**PROMPT**.
Please work out how many lines in the records below include the word "rotation", and reply with that number only.

**RECORDS SHOWN**.
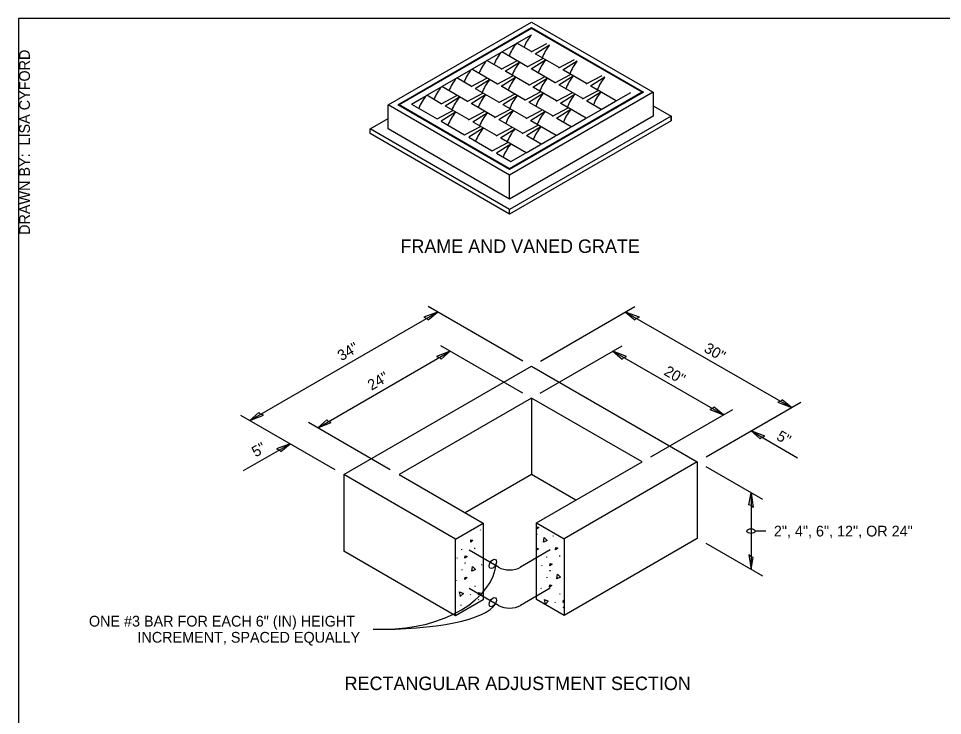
# Model space of a CAD drawing. Extents: x 99862 to 103151, y 100000 to 102076.
# Drawn here: x 99862 to 101238, y 101038 to 102076 of the extents above; entities that cross this region are included whole.
import ezdxf

# ---------------------------------------------------------------- set-up
doc = ezdxf.new("R2010")
doc.units = 0
for name, color, linetype in [('Level 1', 7, 'Continuous'), ('Level 11', 7, 'Continuous'), ('Level 12', 7, 'Continuous'), ('Level 13', 7, 'Continuous'), ('Level 15', 7, 'Continuous'), ('Level 17', 7, 'Continuous'), ('Level 20', 7, 'Continuous'), ('Level 3', 7, 'Continuous'), ('Level 44', 7, 'Continuous'), ('Level 62', 7, 'Continuous'), ('Level 8', 7, 'Continuous'), ('Level 9', 7, 'Continuous')]:
    doc.layers.add(name, color=color, linetype=linetype)

msp = doc.modelspace()

# ---------------------------------------------------------------- linework, layer by layer
at = {"layer": 'Level 1'}
msp.add_lwpolyline([(99862, 99999.5), (103151, 99999.5), (103151, 102075.5), (99862, 102075.5)], close=True, dxfattribs=at)
at = {"layer": 'Level 11'}
for p, q in [((100346.6, 101396.2), (100626.3, 101557.6)), ((100626.3, 101557.6), (100873, 101415.2)), ((100626.3, 101510.1), (100428.8, 101396.2)), ((100626.3, 101510.1), (100626.3, 101453.1)), ((100790.8, 101415.2), (100626.3, 101510.1)), ((100626.3, 101453.1), (100626.3, 101396.2)), ((100633.5, 101324.3), (100790.8, 101415.2)), ((100873, 101415.2), (100674.6, 101300.6)), ((100873, 101415.2), (100873, 101358.2)), ((100346.6, 101396.2), (100346.6, 101339.2)), ((100512.9, 101300.1), (100346.6, 101396.2)), ((100428.8, 101396.2), (100554, 101323.9)), ((100626.3, 101396.2), (100527.5, 101339.2)), ((100692.1, 101358.2), (100626.3, 101396.2)), ((100873, 101358.2), (100873, 101301.2)), ((100346.6, 101339.2), (100346.6, 101282.2)), ((100873, 101301.2), (100674.6, 101186.6)), ((100512.9, 101186.1), (100346.6, 101282.2))]:
    msp.add_line(p, q, dxfattribs=at)
at = {"layer": 'Level 12'}
for p, q in [((100626.3, 102060.7), (100428.8, 101946.7)), ((100790.8, 101965.7), (100626.3, 102060.7)), ((100604.3, 102038.6), (100626, 102051.1)), ((100582, 102025.6), (100603.7, 102038.2)), ((100625.9, 102026.1), (100604.3, 102038.6)), ((100625.5, 102025.8), (100648.9, 102038.2)), ((100653, 102035.8), (100631.7, 102022.3)), ((100559.6, 102012.7), (100581.3, 102025.3)), ((100620, 102003.7), (100582, 102025.6)), ((100667.1, 102002.3), (100632.4, 102022.4)), ((100537.2, 101999.8), (100558.9, 102012.4)), ((100581.2, 102000.3), (100559.6, 102012.7)), ((100580.8, 102000), (100604.2, 102012.3)), ((100608.3, 102010), (100586.9, 101996.5)), ((100619.6, 102003.4), (100643, 102015.8)), ((100647.1, 102013.4), (100625.7, 101999.9)), ((100666.6, 102002.1), (100690, 102014.4)), ((100694.1, 102012), (100672.8, 101998.5)), ((100514.9, 101986.9), (100536.6, 101999.4)), ((100575.3, 101977.8), (100537.2, 101999.8)), ((100622.3, 101976.5), (100587.6, 101996.5)), ((100661.2, 101979.9), (100626.4, 102000)), ((100660.7, 101979.7), (100684.1, 101992)), ((100708.2, 101978.6), (100673.5, 101998.6)), ((100492.5, 101974), (100514.2, 101986.5)), ((100536.5, 101974.4), (100514.9, 101986.9)), ((100536, 101974.2), (100559.4, 101986.5)), ((100563.5, 101984.1), (100542.2, 101970.6)), ((100574.8, 101977.6), (100598.2, 101989.9)), ((100602.4, 101987.6), (100581, 101974)), ((100621.9, 101976.3), (100645.3, 101988.6)), ((100649.4, 101986.2), (100628.1, 101972.7)), ((100688.2, 101989.6), (100666.9, 101976.1)), ((100707.7, 101978.3), (100731.1, 101990.7)), ((100735.3, 101988.3), (100713.9, 101974.8)), ((100470.1, 101961.1), (100491.8, 101973.6)), ((100530.6, 101952), (100492.5, 101974)), ((100530.1, 101951.8), (100553.5, 101964.1)), ((100577.6, 101950.7), (100542.9, 101970.7)), ((100616.4, 101954.1), (100581.7, 101974.1)), ((100790.8, 101965.7), (100593.4, 101851.7)), ((100616, 101953.9), (100639.4, 101966.2)), ((100663.5, 101952.8), (100628.8, 101972.8)), ((100663, 101952.5), (100686.4, 101964.8)), ((100702.3, 101956.2), (100667.6, 101976.2)), ((100701.8, 101955.9), (100725.2, 101968.3)), ((100729.3, 101965.9), (100708, 101952.4)), ((100752.4, 101953.1), (100714.6, 101974.9)), ((100752.4, 101953.1), (100773.8, 101965.4)), ((100790.8, 101965.7), (100790.6, 101964.4)), ((100447.3, 101947.9), (100469.5, 101960.7)), ((100491.7, 101948.6), (100470.1, 101961.1)), ((100491.3, 101948.4), (100514.7, 101960.7)), ((100518.8, 101958.3), (100497.5, 101944.8)), ((100557.6, 101961.7), (100536.3, 101948.2)), ((100577.2, 101950.4), (100600.6, 101962.8)), ((100604.7, 101960.4), (100583.3, 101946.9)), ((100643.5, 101963.8), (100622.1, 101950.3)), ((100657.6, 101930.3), (100622.8, 101950.4)), ((100690.5, 101962.5), (100669.2, 101949)), ((100730, 101940.2), (100708.7, 101952.5)), ((100730, 101940.2), (100751.4, 101952.5)), ((100593.4, 101851.7), (100428.8, 101946.7)), ((100429, 101945.4), (100428.8, 101946.7)), ((100447.3, 101947.9), (100485.4, 101926)), ((100485.4, 101926), (100508.8, 101938.3)), ((100532.9, 101924.9), (100498.2, 101944.9)), ((100532.4, 101924.6), (100555.8, 101936.9)), ((100571.7, 101928.3), (100537, 101948.3)), ((100571.2, 101928), (100594.6, 101940.4)), ((100598.8, 101938), (100577.4, 101924.5)), ((100618.7, 101926.9), (100584, 101947)), ((100618.3, 101926.7), (100641.7, 101939)), ((100645.8, 101936.6), (100624.5, 101923.1)), ((100657.1, 101930.1), (100680.5, 101942.4)), ((100684.6, 101940.1), (100663.3, 101926.6)), ((100707.7, 101927.2), (100669.9, 101949)), ((100707.7, 101927.2), (100729.1, 101939.6)), ((100512.9, 101935.9), (100491.6, 101922.4)), ((100559.9, 101934.6), (100538.6, 101921.1)), ((100612.8, 101904.5), (100578.1, 101924.6)), ((100662.9, 101901.4), (100625.2, 101923.2)), ((100685.3, 101914.3), (100664, 101926.6)), ((100685.3, 101914.3), (100706.7, 101926.7)), ((100491.6, 101922.4), (100526.5, 101902.2)), ((100526.5, 101902.2), (100549.9, 101914.5)), ((100554, 101912.2), (100532.7, 101898.6)), ((100574, 101901.1), (100539.3, 101921.1)), ((100573.6, 101900.9), (100597, 101913.2)), ((100601.1, 101910.8), (100579.7, 101897.3)), ((100612.4, 101904.3), (100635.8, 101916.6)), ((100639.9, 101914.2), (100618.5, 101900.7)), ((100662.9, 101901.4), (100684.3, 101913.8)), ((100532.7, 101898.6), (100567.6, 101878.5)), ((100618.2, 101875.6), (100580.4, 101897.4)), ((100640.6, 101888.5), (100619.3, 101900.8)), ((100640.6, 101888.5), (100662, 101900.9)), ((100567.6, 101878.5), (100591, 101890.8)), ((100595.2, 101888.4), (100573.8, 101874.9)), ((100618.2, 101875.6), (100639.6, 101888)), ((100573.8, 101874.9), (100595.4, 101862.4)), ((100595.4, 101862.4), (100617.3, 101875)), ((100593.4, 101850.6), (100593.4, 101851.7))]:
    msp.add_line(p, q, dxfattribs=at)
for centre, major_axis, ratio, start_param, end_param in [((100639.8, 102026.4), (17.8, 36.7), 0.619773, 1.161599, 1.703913), ((100617.5, 102013.5), (17.8, 36.7), 0.619773, 1.161599, 1.703913), ((100664.9, 102011.9), (17.9, 36.6), 0.569297, 1.174658, 1.709128), ((100595.1, 102000.6), (17.8, 36.7), 0.619773, 1.161599, 1.703913), ((100631.7, 102021.1), (0.64, 1.31), 0.569297, 6.243649, 7.029047), ((100572.7, 101987.6), (17.8, 36.7), 0.619773, 1.161599, 1.703913), ((100620.2, 101986.1), (17.9, 36.6), 0.569297, 1.174658, 1.709128), ((100659, 101989.5), (17.9, 36.6), 0.569297, 1.174658, 1.709128), ((100647.1, 102012.2), (0.64, 1.31), 0.569297, 0.745861, 1.174658), ((100706.1, 101988.1), (17.9, 36.6), 0.569297, 1.174658, 1.709128), ((100694.2, 102010.8), (0.64, 1.31), 0.569297, 0.745861, 1.174658), ((100550.4, 101974.7), (17.8, 36.7), 0.619773, 1.161599, 1.703913), ((100587, 101995.2), (0.64, 1.31), 0.569297, 6.243649, 7.029047), ((100625.8, 101998.7), (0.64, 1.31), 0.569297, 6.243649, 7.029047), ((100672.8, 101997.3), (0.64, 1.31), 0.569297, 6.243649, 7.029047), ((100528, 101961.8), (17.8, 36.7), 0.619773, 1.161599, 1.703913), ((100575.5, 101960.2), (17.9, 36.6), 0.569297, 1.174658, 1.709128), ((100614.3, 101963.6), (17.9, 36.6), 0.569297, 1.174658, 1.709128), ((100602.4, 101986.3), (0.64, 1.31), 0.569297, 0.745861, 1.174658), ((100661.3, 101962.3), (17.9, 36.6), 0.569297, 1.174658, 1.709128), ((100649.4, 101985), (0.64, 1.31), 0.569297, 0.745861, 1.174658), ((100700.2, 101965.7), (17.9, 36.6), 0.569297, 1.174658, 1.709128), ((100688.2, 101988.4), (0.64, 1.31), 0.569297, 0.745861, 1.174658), ((100747.2, 101964.4), (17.9, 36.6), 0.569297, 1.174658, 1.709128), ((100735.3, 101987.1), (0.64, 1.31), 0.569297, 0.745861, 1.174658), ((100505.6, 101948.9), (17.8, 36.7), 0.619773, 1.161599, 1.703913), ((100542.2, 101969.4), (0.64, 1.31), 0.569297, 6.243649, 7.029047), ((100581.1, 101972.8), (0.64, 1.31), 0.569297, 6.243649, 7.029047), ((100628.1, 101971.5), (0.64, 1.31), 0.569297, 6.243649, 7.029047), ((100666.9, 101974.9), (0.64, 1.31), 0.569297, 6.243649, 7.029047), ((100714, 101973.6), (0.64, 1.31), 0.569297, 6.243649, 7.029047), ((100741.3, 101942), (17.9, 36.6), 0.569297, 1.174658, 1.709128), ((100729.4, 101964.7), (0.64, 1.31), 0.569297, 0.745861, 1.174658), ((100483.3, 101936), (17.8, 36.7), 0.619773, 1.161599, 1.714552), ((100530.7, 101934.4), (17.9, 36.6), 0.569297, 1.174658, 1.709128), ((100569.6, 101937.8), (17.9, 36.6), 0.569297, 1.174658, 1.709128), ((100557.7, 101960.5), (0.64, 1.31), 0.569297, 0.745861, 1.174658), ((100616.6, 101936.5), (17.9, 36.6), 0.569297, 1.174658, 1.709128), ((100604.7, 101959.2), (0.64, 1.31), 0.569297, 0.745861, 1.174658), ((100622.2, 101949.1), (0.64, 1.31), 0.569297, 6.243649, 7.029047), ((100655.4, 101939.9), (17.9, 36.6), 0.569297, 1.174658, 1.709128), ((100643.5, 101962.6), (0.64, 1.31), 0.569297, 0.745861, 1.174658), ((100702.5, 101938.6), (17.9, 36.6), 0.569297, 1.174658, 1.709128), ((100690.6, 101961.3), (0.64, 1.31), 0.569297, 0.745861, 1.174658), ((100708, 101951.2), (0.64, 1.31), 0.569297, 6.243649, 7.029047), ((100497.5, 101943.6), (0.64, 1.31), 0.569297, 6.243649, 7.029047), ((100536.3, 101947), (0.64, 1.31), 0.569297, 6.243649, 7.029047), ((100583.4, 101945.7), (0.64, 1.31), 0.569297, 6.243649, 7.029047), ((100610.7, 101914.1), (17.9, 36.6), 0.569297, 1.174658, 1.709128), ((100598.8, 101936.8), (0.64, 1.31), 0.569297, 0.745861, 1.174658), ((100645.8, 101935.4), (0.64, 1.31), 0.569297, 0.745861, 1.174658), ((100669.2, 101947.8), (0.64, 1.31), 0.569297, 6.243649, 7.029047), ((100696.6, 101916.1), (17.9, 36.6), 0.569297, 1.174658, 1.709128), ((100684.6, 101938.8), (0.64, 1.31), 0.569297, 0.745861, 1.174658), ((100524.8, 101912), (17.9, 36.6), 0.569297, 1.174658, 1.719767), ((100512.9, 101934.7), (0.64, 1.31), 0.569297, 0.745861, 1.174658), ((100571.9, 101910.7), (17.9, 36.6), 0.569297, 1.174658, 1.709128), ((100560, 101933.4), (0.64, 1.31), 0.569297, 0.745861, 1.174658), ((100577.5, 101923.3), (0.64, 1.31), 0.569297, 6.243649, 7.029047), ((100624.5, 101921.9), (0.64, 1.31), 0.569297, 6.243649, 7.029047), ((100657.7, 101912.7), (17.9, 36.6), 0.569297, 1.174658, 1.709128), ((100663.3, 101925.3), (0.64, 1.31), 0.569297, 6.243649, 7.029047), ((100538.6, 101919.9), (0.64, 1.31), 0.569297, 6.243649, 7.029047), ((100566, 101888.2), (17.9, 36.6), 0.569297, 1.174658, 1.719767), ((100554.1, 101910.9), (0.64, 1.31), 0.569297, 0.745861, 1.174658), ((100613, 101886.9), (17.9, 36.6), 0.569297, 1.174658, 1.709128), ((100601.1, 101909.6), (0.64, 1.31), 0.569297, 0.745861, 1.174658), ((100651.8, 101890.3), (17.9, 36.6), 0.569297, 1.174658, 1.709128), ((100639.9, 101913), (0.64, 1.31), 0.569297, 0.745861, 1.174658), ((100579.8, 101896.1), (0.64, 1.31), 0.569297, 6.243649, 7.029047), ((100618.6, 101899.5), (0.64, 1.31), 0.569297, 6.243649, 7.029047), ((100607.1, 101864.5), (17.9, 36.6), 0.569297, 1.174658, 1.719767), ((100595.2, 101887.2), (0.64, 1.31), 0.569297, 0.745861, 1.174658)]:
    msp.add_ellipse(centre, major_axis=major_axis, ratio=ratio, start_param=start_param, end_param=end_param, dxfattribs=at)
at = {"layer": 'Level 13'}
for p, q in [((100549.5, 101313.8), (100550.2, 101313.3)), ((100633.5, 101307.7), (100633.8, 101307.5)), ((100633.6, 101307.9), (100634.3, 101307.4)), ((100658.5, 101304.5), (100658.6, 101305.7)), ((100522.3, 101284.2), (100522.4, 101285.4)), ((100541.8, 101285.9), (100541.9, 101287.1)), ((100514.7, 101272.7), (100515.2, 101271.7)), ((100526.5, 101265), (100527.3, 101264.4)), ((100527.1, 101264.9), (100527.8, 101264.3)), ((100552, 101261.4), (100552.1, 101262.6)), ((100648.7, 101272.7), (100648.8, 101273.9)), ((100668.2, 101274.4), (100668.3, 101275.6)), ((100522.8, 101253.8), (100522.9, 101255)), ((100641.1, 101261.2), (100641.6, 101260.2)), ((100652.9, 101253.5), (100653.6, 101252.9)), ((100653.5, 101253.4), (100654.2, 101252.8)), ((100513.4, 101238.9), (100514.1, 101238.3)), ((100649.2, 101242.3), (100649.2, 101243.5)), ((100542.2, 101229.6), (100542.3, 101230.8)), ((100639.8, 101227.4), (100640.5, 101226.8)), ((100534.6, 101218.1), (100535.1, 101217.1)), ((100546.4, 101210.4), (100547.1, 101209.9)), ((100547, 101210.3), (100547.7, 101209.8)), ((100668.5, 101218.1), (100668.6, 101219.3)), ((100521.3, 101201.2), (100521.4, 101202.5)), ((100660.9, 101206.6), (100661.4, 101205.6)), ((100672.8, 101198.9), (100673.5, 101198.4)), ((100673.3, 101198.8), (100674.1, 101198.3))]:
    msp.add_line(p, q, dxfattribs=at)
for points in [[(100633.5, 101315.1), (100633.9, 101318.5), (100636.8, 101317.6), (100633.5, 101315.1)], [(100535.6, 101295.8), (100535.9, 101299.3), (100538.9, 101298.4), (100535.6, 101295.8)], [(100643.9, 101295.6), (100644.9, 101302.7), (100649.4, 101298.1), (100644, 101295.6)], [(100633.5, 101285.4), (100633.6, 101286.8), (100636.6, 101285.9), (100633.5, 101283.5)], [(100661.9, 101284.3), (100662.3, 101287.8), (100665.2, 101286.9), (100661.9, 101284.3)], [(100527, 101272), (100527.3, 101275.4), (100530.3, 101274.5), (100527, 101272)], [(100653.4, 101260.5), (100653.7, 101263.9), (100656.7, 101263), (100653.4, 101260.5)], [(100537.4, 101252.5), (100538.4, 101259.6), (100542.9, 101255), (100537.5, 101252.5)], [(100526.8, 101240.3), (100527.1, 101243.7), (100530.1, 101242.8), (100526.8, 101240.3)], [(100663.8, 101241), (100664.8, 101248.1), (100669.2, 101243.5), (100663.9, 101241)], [(100520.4, 101214.9), (100518.9, 101221.9), (100524.6, 101219.1), (100520.5, 101215)], [(100546.9, 101217.4), (100547.2, 101220.9), (100550.2, 101220), (100546.9, 101217.4)], [(100653.1, 101228.8), (100653.5, 101232.2), (100656.5, 101231.3), (100653.1, 101228.8)], [(100646.7, 101203.4), (100645.2, 101210.4), (100651, 101207.6), (100646.8, 101203.5)], [(100673.2, 101205.9), (100673.6, 101209.4), (100674.6, 101209.1)], [(100674.6, 101207), (100673.2, 101205.9)]]:
    msp.add_lwpolyline(points, dxfattribs=at)
at = {"layer": 'Level 15'}
for p, q in [((100206.4, 101476.9), (100486.1, 101638.4)), ((100613.3, 101565.1), (100472.2, 101646.4)), ((100639.3, 101565.1), (100780.2, 101646.4)), ((100766.3, 101638.4), (101013.1, 101496)), ((100307.6, 101466), (100505, 101580)), ((100613.3, 101517.6), (100491.1, 101588)), ((100639.2, 101517.6), (100761.2, 101588.1)), ((100747.3, 101580.1), (100911.8, 101485.1)), ((100886, 101422.7), (101027, 101503.9)), ((100333.6, 101403.6), (100193.1, 101484.5)), ((100803.8, 101422.7), (100925.7, 101493.1)), ((100415.8, 101403.6), (100293.7, 101474)), ((100953.1, 101461.3), (101022.4, 101421.3)), ((100197.2, 101402.3), (100266.5, 101442.3)), ((100970.4, 101359.1), (100886, 101407.7)), ((100953, 101369.1), (100953, 101255.1)), ((100975, 101312.1), (100959, 101312.1)), ((100970.4, 101245.1), (100886, 101293.7)), ((100390.2, 101166), (100406.2, 101166))]:
    msp.add_line(p, q, dxfattribs=at)
for centre, major_axis in [((100953, 101312.1), (-6, 0)), ((100568.5, 101263.3), (3.75, 6.5)), ((100568.5, 101206.3), (3.75, 6.5))]:
    msp.add_ellipse(centre, major_axis=major_axis, ratio=0.57735, dxfattribs=at)
for centre, major_axis, ratio, end_param in [((100406.2, 101270.7), (167.8, 0), 0.623729, 6.233084), ((100406.2, 101209.8), (167.7, 0), 0.260817, 6.242098)]:
    msp.add_ellipse(centre, major_axis=major_axis, ratio=ratio, start_param=4.71238, end_param=end_param, dxfattribs=at)
at = {"layer": 'Level 17'}
for points in [[(100576.9, 101258.4), (100533.4, 101283.5)], [(100654.1, 101284), (100609.8, 101258.4)], [(100576.9, 101201.4), (100533.4, 101226.5)], [(100654.1, 101227), (100609.8, 101201.4)]]:
    msp.add_lwpolyline(points, dxfattribs=at)
for centre in [(100593.4, 101267.9), (100593.4, 101210.9)]:
    msp.add_ellipse(centre, major_axis=(-23.3, 0), ratio=0.57735, start_param=0.785398, end_param=2.356194, dxfattribs=at)
at = {"layer": 'Level 3'}
for p, q in [((100412.4, 101946.7), (100626.3, 102070.2)), ((100426.8, 101946.7), (100626.3, 102061.9)), ((100626.3, 102070.2), (100807.2, 101965.7)), ((100626.3, 102060.7), (100626.3, 102061.9)), ((100626.3, 102061.9), (100792.8, 101965.7)), ((100807.2, 101965.7), (100593.3, 101842.2)), ((100792.8, 101965.7), (100593.3, 101850.6)), ((100807.2, 101965.7), (100807.2, 101930.1)), ((100412.4, 101911.1), (100412.4, 101946.7)), ((100593.3, 101842.2), (100412.4, 101946.7)), ((100593.3, 101850.6), (100426.8, 101946.7)), ((100807.2, 101945.5), (100834, 101930.1)), ((100385.6, 101911.1), (100412.4, 101926.6)), ((100834, 101930.1), (100593.3, 101791.2)), ((100807.2, 101930.1), (100593.3, 101806.6)), ((100834, 101923), (100593.3, 101784.1)), ((100834, 101923), (100834, 101930.1)), ((100385.6, 101904), (100385.6, 101911.1)), ((100593.3, 101791.2), (100385.6, 101911.1)), ((100593.3, 101806.6), (100412.4, 101911.1)), ((100593.3, 101784.1), (100385.6, 101904)), ((100593.3, 101806.6), (100593.3, 101842.2)), ((100593.3, 101784.1), (100593.3, 101791.2))]:
    msp.add_line(p, q, dxfattribs=at)
at = {"layer": 'Level 44'}
for points in [[(100512.9, 101300.1), (100554, 101323.9), (100554, 101209.9), (100512.9, 101186.1)], [(100633.5, 101324.3), (100674.6, 101300.6), (100674.6, 101186.6), (100633.5, 101210.4)]]:
    msp.add_lwpolyline(points, close=True, dxfattribs=at)
at = {"layer": 'Level 8'}
for points in [[(100486.1, 101638.4), (100465.7, 101630.5), (100469.9, 101629), (100472.4, 101626.6)], [(100766.3, 101638.4), (100780, 101626.7), (100782.6, 101629.1), (100786.7, 101630.5)], [(100505, 101580), (100484.6, 101572.1), (100488.8, 101570.6), (100491.3, 101568.2)], [(100747.3, 101580.1), (100761, 101568.4), (100763.6, 101570.7), (100767.7, 101572.2)], [(100911.8, 101485.1), (100898.2, 101496.9), (100895.6, 101494.5), (100891.5, 101493)], [(101013.1, 101496), (100999.4, 101507.7), (100996.9, 101505.3), (100992.7, 101503.9)], [(100206.4, 101476.9), (100226.8, 101484.8), (100222.6, 101486.3), (100220.1, 101488.7)], [(100307.6, 101466), (100327.9, 101473.9), (100323.8, 101475.4), (100321.2, 101477.8)], [(100953.1, 101461.3), (100966.8, 101449.6), (100969.3, 101452), (100973.4, 101453.4)], [(100266.5, 101442.3), (100246.1, 101434.4), (100250.2, 101432.9), (100252.8, 101430.5)], [(100953, 101369.1), (100956.4, 101347.5), (100953, 101350.3), (100949.7, 101351.3)], [(100953, 101255.1), (100956.4, 101272.8), (100953, 101273.8), (100949.7, 101276.7)]]:
    msp.add_lwpolyline(points, close=True, dxfattribs=at)
at = {"layer": 'Level 9'}
msp.add_lwpolyline([(100412.4, 101926.6), (100412.4, 101946.7), (100626.3, 102070.2), (100807.2, 101965.7), (100807.2, 101945.5), (100834, 101930.1), (100834, 101923), (100593.3, 101784.1), (100385.6, 101904), (100385.6, 101911.1), (100412.4, 101926.6)], dxfattribs=at)

# ---------------------------------------------------------------- texts
at = {"layer": 'Level 20'}
for s, height, p in [('FRAME AND VANED GRATE', 20, (100430.8, 101726.4)), ('ONE #3 BAR FOR EACH 6" (IN) HEIGHT', 16, (99966.9, 101170)), ('INCREMENT, SPACED EQUALLY', 16, (100039.2, 101146)), ('RECTANGULAR ADJUSTMENT SECTION', 20, (100347.7, 101075.4))]:
    msp.add_text(s, height=height, dxfattribs=at).set_placement(p)
for s, rotation, p in [('34"', 29.9987, (100342.9, 101564.9)), ('30"', 330.0271, (100881.7, 101579.9)), ('20"', 330.0271, (100822, 101545.6)), ('24"', 29.9987, (100387.7, 101521)), ('5"', 330.0271, (100989.6, 101449.1)), ('5"', 29.9987, (100215.3, 101421.7)), ('2", 4", 6", 12", OR 24"', 360, (100987, 101304.1))]:
    msp.add_text(s, height=16, rotation=rotation, dxfattribs=at).set_placement(p)
at = {"layer": 'Level 62'}
msp.add_text('DRAWN BY:  LISA CYFORD', height=16, rotation=90, dxfattribs=at).set_placement((99879, 101753.3))

doc.saveas('drawing.dxf')

**SOLUTION FOR THIS EXERCISE**.
3